# Canard PC & Canardpc.com > Nos Autres Rubriques > [Peepshow] Du nouveau chez Les Simpsons

## Gana

Vous ne l'avez pas encore vu, parce que c'est vraiment tout frais, mais les Simpsons ont un tout nouveau générique depuis quelques jours depuis le passage à la HD. Je me suis dit que vous aimeriez peut-être le voir... Sinon, vous pouvez toujours revoir en LD (Low Definition) la superbe vidéo postée il y a quelques minutes par half. Encore merci, half, si si vraiment merci.

Voir la news (1 image, 1 vidéo )

----------


## Akodo

Autant la partir "normale" est sympa, autant la suite rajoutée est aussi nawak et bof que ce que les simpsons font en ce moment.

----------


## Septa

Bha heu... Le couch gag c'est toujours nainwak...

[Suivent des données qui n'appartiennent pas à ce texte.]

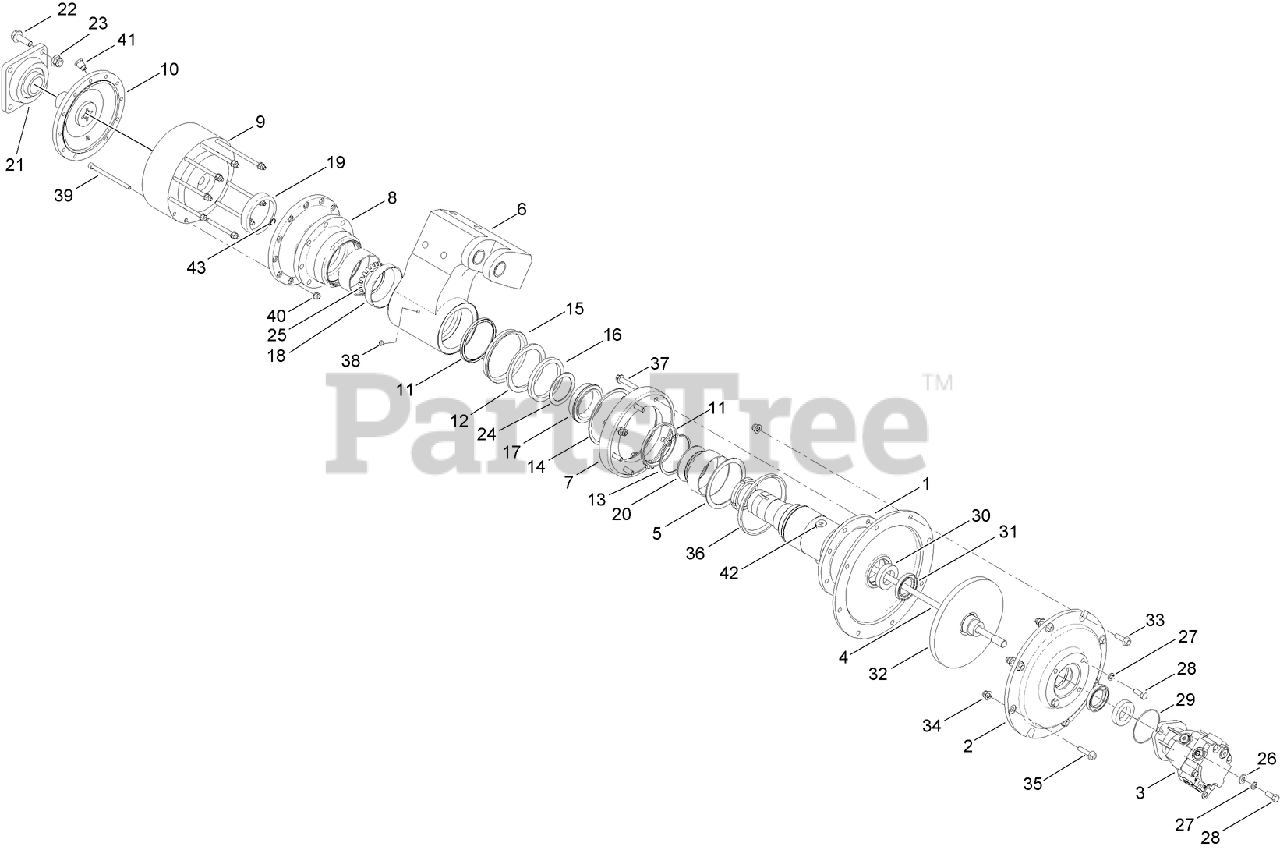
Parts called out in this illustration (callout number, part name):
1	PIVOT-BOOM
2	COVER-FLYWHEEL
3	HYD MOTOR ASM
4	SHAFT-DRIVE, TRENCHER
5	WASHER-THRUST, THIN
6	MOUNT-BOOM
7	SPACER-PIVOT, BOOM
8	HUB-SPROCKET, DIGGING
9	GEARBOX-Planetary
10	COVER-PLANETARY
11	SEAL-Urethane
12	WASHER-THRUST, THICK
13	RING-RETAINING, EXTERNAL
14	RING-WEAR
15	SEAL-PLANETARY, URETHANE
17	BEARING
18	BEARING
19	CUP-BEARING
20	BEARING-CONE
21	BEARING
22	SCREW-FLANGE
23	NUT-HHF
24	WASHER-Shim
25	WASHER-LOCK, BEARING
27	WASHER-LOCK
28	SCREW-HH
30	BEARING-Ball
31	SEAL-Flywheel
32	FLYWHEEL-DRIVE, TRENCHER
34	NUT-HHF, LOCK
35	SCREW-HHF
36	SEAL-URETHANE
37	SCREW-HHF
38	FITTING-GREASE
39	SCREW-HSH
40	NUT-LOCK, NI
41	PLUG-PIPE
42	PLUG-FREEZE
43	RING-RETAINING, INTERNAL

Après heu... Ça fait bizarre. Mais c'est pas mal. 
Il y a déjà un site qui relève toutes les différences :
http://www.simpsoncrazy.com/information/opening-hd.php

----------


## Icha

et bah moi, je l'ai vu ce matin-euh !

et je suis d'accord avec le fait que la poursuite du canapé et juste plate et mal montée.

----------


## JeP

Ouais je suis pas fan. Dans l'enchaînement, je trouve que même certains des trucs refaits marchent moins bien, genre mal rythmé.

----------


## Tchoupi

Maggie a changé de prix ! ^^

----------


## George Sable

J'aime beaucoup la boite de Mr. Sparkle sur le tapis roulant.

----------


## morgor

En fin de compte ce n'est qu'un update permettant de voir tout les pepers qui se sont rajoutés au fil de années.

Ils avaient déjà commencé avec l'episode 1 de la saison 19 qui faisait la transition d'avec le film.

----------


## Ouaflechien

Et bien sur impossible de regarder la série pour cause de non étatsunien.

Pour le prix de Maggie je suppose que le coût annuel estimé pour élever un enfant à augmenter par rapport a il y a 20 ans.

----------


## Sheraf

L'episode en lui meme est pourrave. D'façon c'est la tendance de tous les derniers episodes à mon gouts.

----------


## Sk-flown

Ça fait déjà quelques saisons que c'est devenue relou les simpsons, j'aurais préféré que Futurama marche et les remplacent.

----------


## tarask

En même temps la qualité des films de futurama n'est pas aussi bonne que la série, avis perso.

----------


## Sk-flown

> En même temps la qualité des films de futurama n'est pas aussi bonne que la série, avis perso.


Toutafaÿ, mais là on parle de séries.

----------


## Rom1

Image qui rejoint le post de Septa...

----------


## Pelomar

Moi je l'aime bien ce reliftting.
Alors certes la chasse au canapé est chiante, mais c'est le truc qui change a chaque épisode ca.

----------


## Tchoupi

> Et bien sur impossible de regarder la série pour cause de non étatsunien.
> 
> Pour le prix de Maggie je suppose que le coût annuel estimé pour élever un enfant à augmenter par rapport a il y a 20 ans.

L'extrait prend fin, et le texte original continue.